In patients with AL amyloidosis, the amyloids can accumulate and cause damage in the kidneys, heart, liver, spleen, nerves, or digestive system. Symptoms of the condition vary widely depending on which organs are affected by the deposits and how much deposits have accumulated in them.

AL amyloidosis is a life-threatening and long-term debilitating condition because of the damage to organs, particularly the heart and kidneys.

At the time of designation, AL amyloidosis affected approximately 1 in 10,000 people in the European Union (EU). This was equivalent to a total of around 52,000 people*, and is below the ceiling for orphan designation, which is 5 people in 10,000. This isbased on the information provided by the sponsor and the knowledge of the Committee for Orphan Medicinal Products (COMP).

*Disclaimer: For the purpose of the designation, the number of patients affected by the condition is estimated and assessed on the basis of data from the European Union (EU 28), Norway, Iceland and Liechtenstein. This represents a population of 518,400,000 (Eurostat 2019).

At the time of designation, no medicines were authorised in the EU for the treatment of AL amyloidosis. Patients often received treatment with medicines (chemotherapy) originally designed to treat cancers of white blood cells, in order to target the malfunctioning white blood cells. Stem cell transplantation (a procedure where the patient’s bone marrow is cleared of cells and replaced by stem cells from a donor to form new bone marrow) was used in a small group of newly diagnosed patients.

This medicine is an antibody (a type of protein) which has been designed to attach to the abnormal protein in amyloid deposits and thereby stimulate the immune system to attack the deposits. This action is expected to help reduce the deposits of amyloid, thereby preventing organ damage and improving the patient’s symptoms.

The effects of the medicine have been evaluated in experimental models.

At the time of submission of the application for orphan designation, clinical trials with the medicine in patients with AL amyloidosis were ongoing.

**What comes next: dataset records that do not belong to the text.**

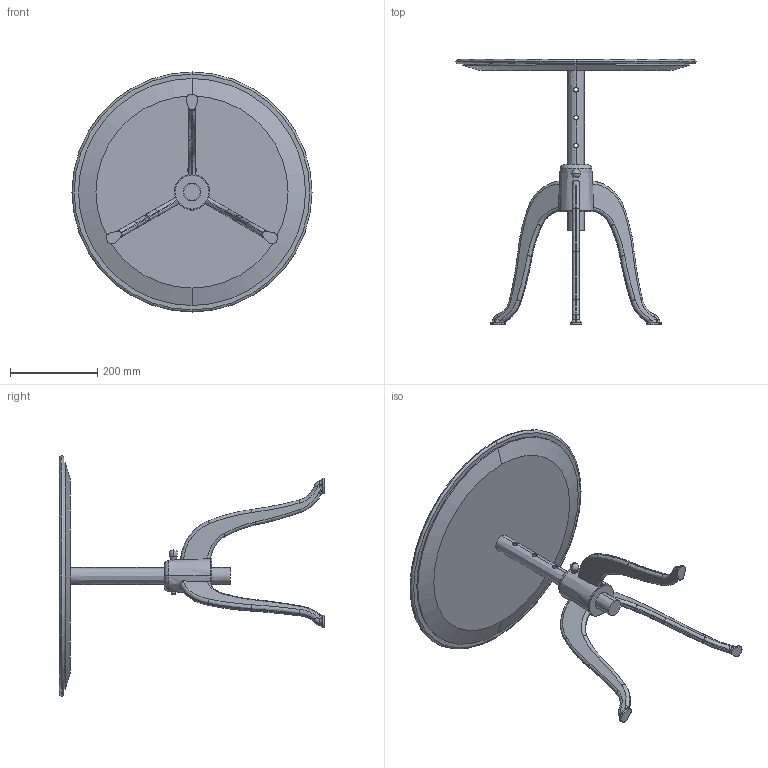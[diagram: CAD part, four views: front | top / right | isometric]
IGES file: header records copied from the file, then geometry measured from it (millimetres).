
Start section: SolidWorks IGES file using analytic representation for surfaces
Global section: file name: C:\Users\Ruben\Box Sync\Studio Ilse\459 Sidekicks Height Adjustable Table\sales related\PDF\version f\459_sidetable_vf_mesa.IGS; native system: SolidWorks 2016; preprocessor: SolidWorks 2016; author: ruben; date: 170601.160506; units: millimetre
Bounding box: 550 x 607.3 x 550 mm (x, y, z)
Volume: 6575525.3 mm3; surface area: 1164183.3 mm2
Topology: 9 solids, 9 shells, 292 faces, 710 edges, 413 vertices
Faces by surface type: revolution 167, bspline 74, plane 51

At the time of submission, the medicine was not authorised anywhere in the EU for AL amyloidosis. Orphan designation of the medicine had been granted in the United States for this condition.

In accordance with Regulation (EC) No 141/2000, the COMP adopted a positive opinion on 10 October 2019, recommending the granting of this designation.

• the seriousness of the condition;
• the existence of alternative methods of diagnosis, prevention or treatment;
• either the rarity of the condition (affecting not more than 5 in 10,000 people in the EU) or insufficient returns on investment.

Designated orphan medicinal products are products that are still under investigation and are considered for orphan designation on the basis of potential activity. An orphan designation is not a marketing authorisation. As a consequence, demonstration of quality, safety and efficacy is necessary before a product can be granted a marketing authorisation.